In the current generation of satellite products, regularisation is implicitly/approximately used. Examples include the assumption of constant model parameters over 16 days in MODIS C5 BRDF/albedo or approximate regularisation by applying weighting functions to observational uncertainty in globAlbedo. These assume that the 'degree of smoothness' is known, but this is far from the case in reality. But in a more formal regularisation framework, optimal estimates of this can be readily obtained. A potential downside is over-smoothing at sharp discontinuities, but this can be overcome by using edge-preserving methods and/or integrating change detection methods as part of the BRF estimation.

Further, these same concepts can be applied in the spatial domain. One advantage is that we can in essence provide temporal and spatial interpolation (with associated uncertainty) where observations are missing (e.g. due to cloud cover) and provide continuous contiguous products. Another is that it provides a mechanism for scaling model state variables, which gives a route to a system that can deal with data at different spatial resolutions. This would be a major breakthough in land surface products and is likely to be of particular importance in making best use of e.g. Sentinel-2 and -3 data.
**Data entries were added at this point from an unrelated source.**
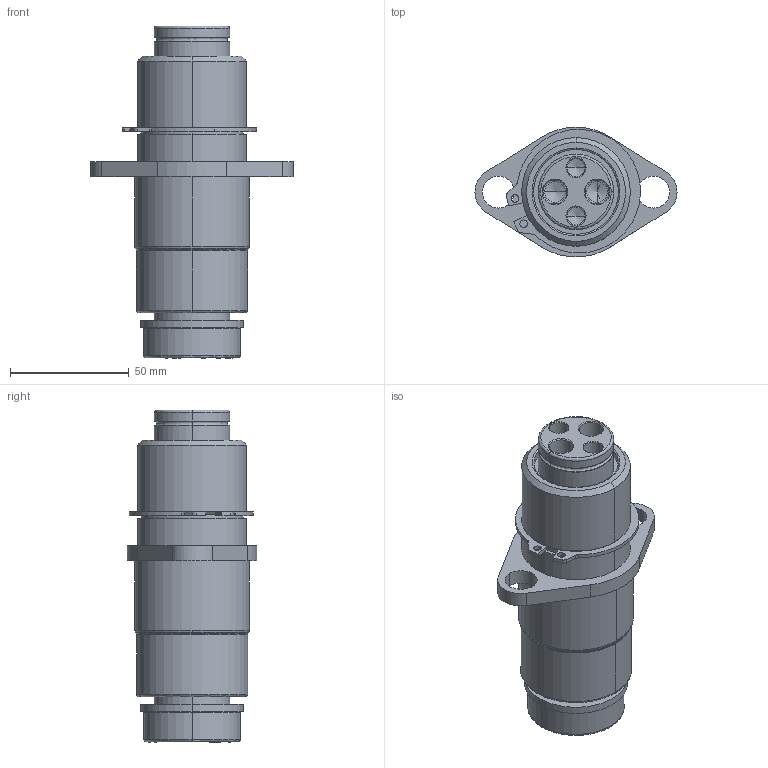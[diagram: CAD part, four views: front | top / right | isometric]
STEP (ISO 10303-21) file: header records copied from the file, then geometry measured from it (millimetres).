
FILE_DESCRIPTION (( 'STEP AP214' ), '1' );
FILE_NAME ('GK120-N4-2-TB-M-XXX.STEP', '2020-09-21T15:57:27', ( '' ), ( '' ), 'SwSTEP 2.0', 'SolidWorks 2017', '' );
FILE_SCHEMA (( 'AUTOMOTIVE_DESIGN' ));
Length unit declared in the file: inch
Products named in the file (7): GK1.25-N4-2-TB-Base; GK120-N4-2-TB-M-XXX; GK120-M-XXX-GuidePin; RetainingRing; GK120-DampeningWasher
Assembly tree (6 placements, depth 3):
  GK120-N4-2-TB-M-XXX
    GK1.25-N4-2-TB-Base
      GK1.25-N4-2-TB-Base
      RetainingRing
    GK120-M-XXX-GuidePin
      GK120-M-XXX-GuidePin
      GK120-DampeningWasher
Bounding box: 85.09 x 54.52 x 139.7 mm (x, y, z)
Volume: 218548.9 mm3; surface area: 54881 mm2
Topology: 4 solids, 4 shells, 137 faces, 321 edges, 194 vertices
Faces by surface type: cylinder 63, cone 30, plane 24, bspline 20
Entity records: 4958 total; most frequent: CARTESIAN_POINT 1287, DIRECTION 739, ORIENTED_EDGE 626, EDGE_CURVE 313, AXIS2_PLACEMENT_3D 308, VERTEX_POINT 194, CIRCLE 180, EDGE_LOOP 159
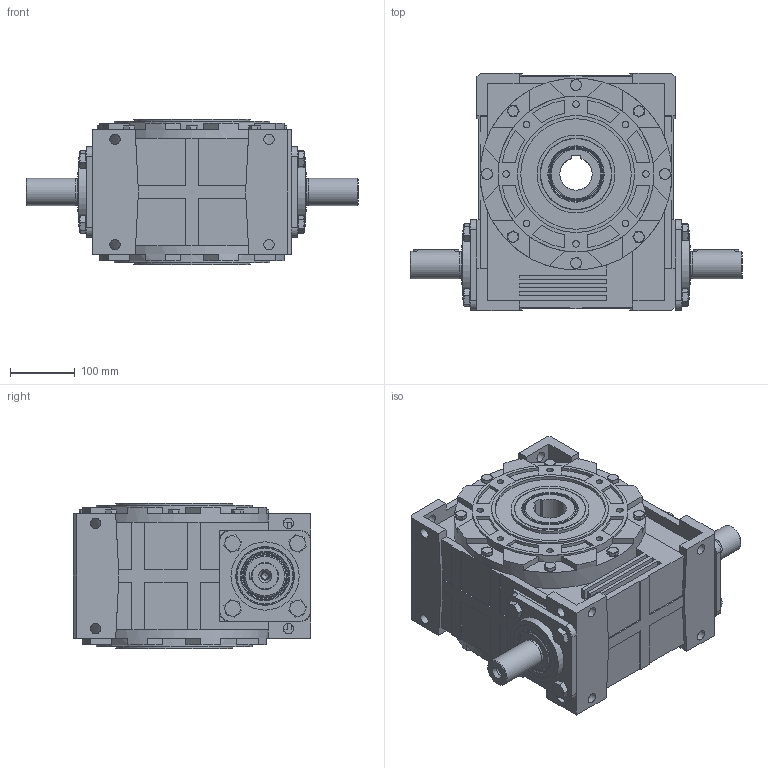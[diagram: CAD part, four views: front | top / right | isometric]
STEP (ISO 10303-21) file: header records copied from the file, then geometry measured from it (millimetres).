
FILE_DESCRIPTION (( 'STEP AP203' ), '1' );
FILE_NAME ('R-140_WBS2_3D.STEP', '2018-11-13T11:26:28', ( 'Biuro' ), ( 'Microsoft' ), 'SwSTEP 2.0', 'SolidWorks 2013', '' );
FILE_SCHEMA (( 'CONFIG_CONTROL_DESIGN' ));
Length unit declared in the file: millimetre
Products named in the file (1): R-140_WBS2_3D
Bounding box: 511 x 365 x 224 mm (x, y, z)
Volume: 20653899 mm3; surface area: 807212.6 mm2
Topology: 1 solids, 20 shells, 950 faces, 2278 edges, 1429 vertices
Faces by surface type: plane 589, cylinder 163, cone 154, torus 42, bspline 2
Full cylindrical faces by diameter (mm): 10 x24, 10.2 x2, 10.5 x8, 13 x2, 16 x28, 17 x8, 24 x8, 37 x1, 41.2 x1, 41.4 x1, 42 x2, 53 x1, 64.95 x2, 65 x3, 70.861 x2, 86 x2, 90 x4, 105 x2, 110 x2, 120 x2, 170 x2, 180 x2, 240 x2, 295 x2
Entity records: 26805 total; most frequent: CARTESIAN_POINT 5853, DIRECTION 4350, ORIENTED_EDGE 3980, EDGE_CURVE 1990, AXIS2_PLACEMENT_3D 1613, VERTEX_POINT 1340, EDGE_LOOP 1274, LINE 1124

We suggest the form of a processing system that could be robust and generic in providing routine estimates of surface BRF (and as by-products, albedo, normalised BRF, change events). By using generic linear models throughout, practical algorithms can be developed that are in keeping with the desire for not over-constraining the BRF estimates. The approach provides a route for the integration of data from heterogeneous (in wavebands and spatial scale of observations) data sources, and does so within a Bayesian framework that tracks uncertainties throughout. In the main paper, we demosntrate the key features of such a system, consider some of the alternatives, and provide an agenda for implementation.

Lewis, P. et al. (2012a), The ESA globAlbedo project: Algorithm, IGARSS, pp.5745-5748
Lewis, P., et al. (2012b) An Earth Observation Land Data Assimilation System (EO-LDAS). Rem. Sens. Environ., 120, 219-235
Roy, D. et al. (2001) Burned Area Mapping Using Multi-Temporal Moderate Spatial Resolution Data - a Bi-Directional Reflectance Model-Based Expectation Approach, Rem. Sens. Environ., 83, 263-286
Lyapustin, A. et al. (2012). Improved cloud and snow screening in MAIAC aerosol retrievals using spectral and spatial analysis. Atmos. Meas. Tech., 5(4), 843-850.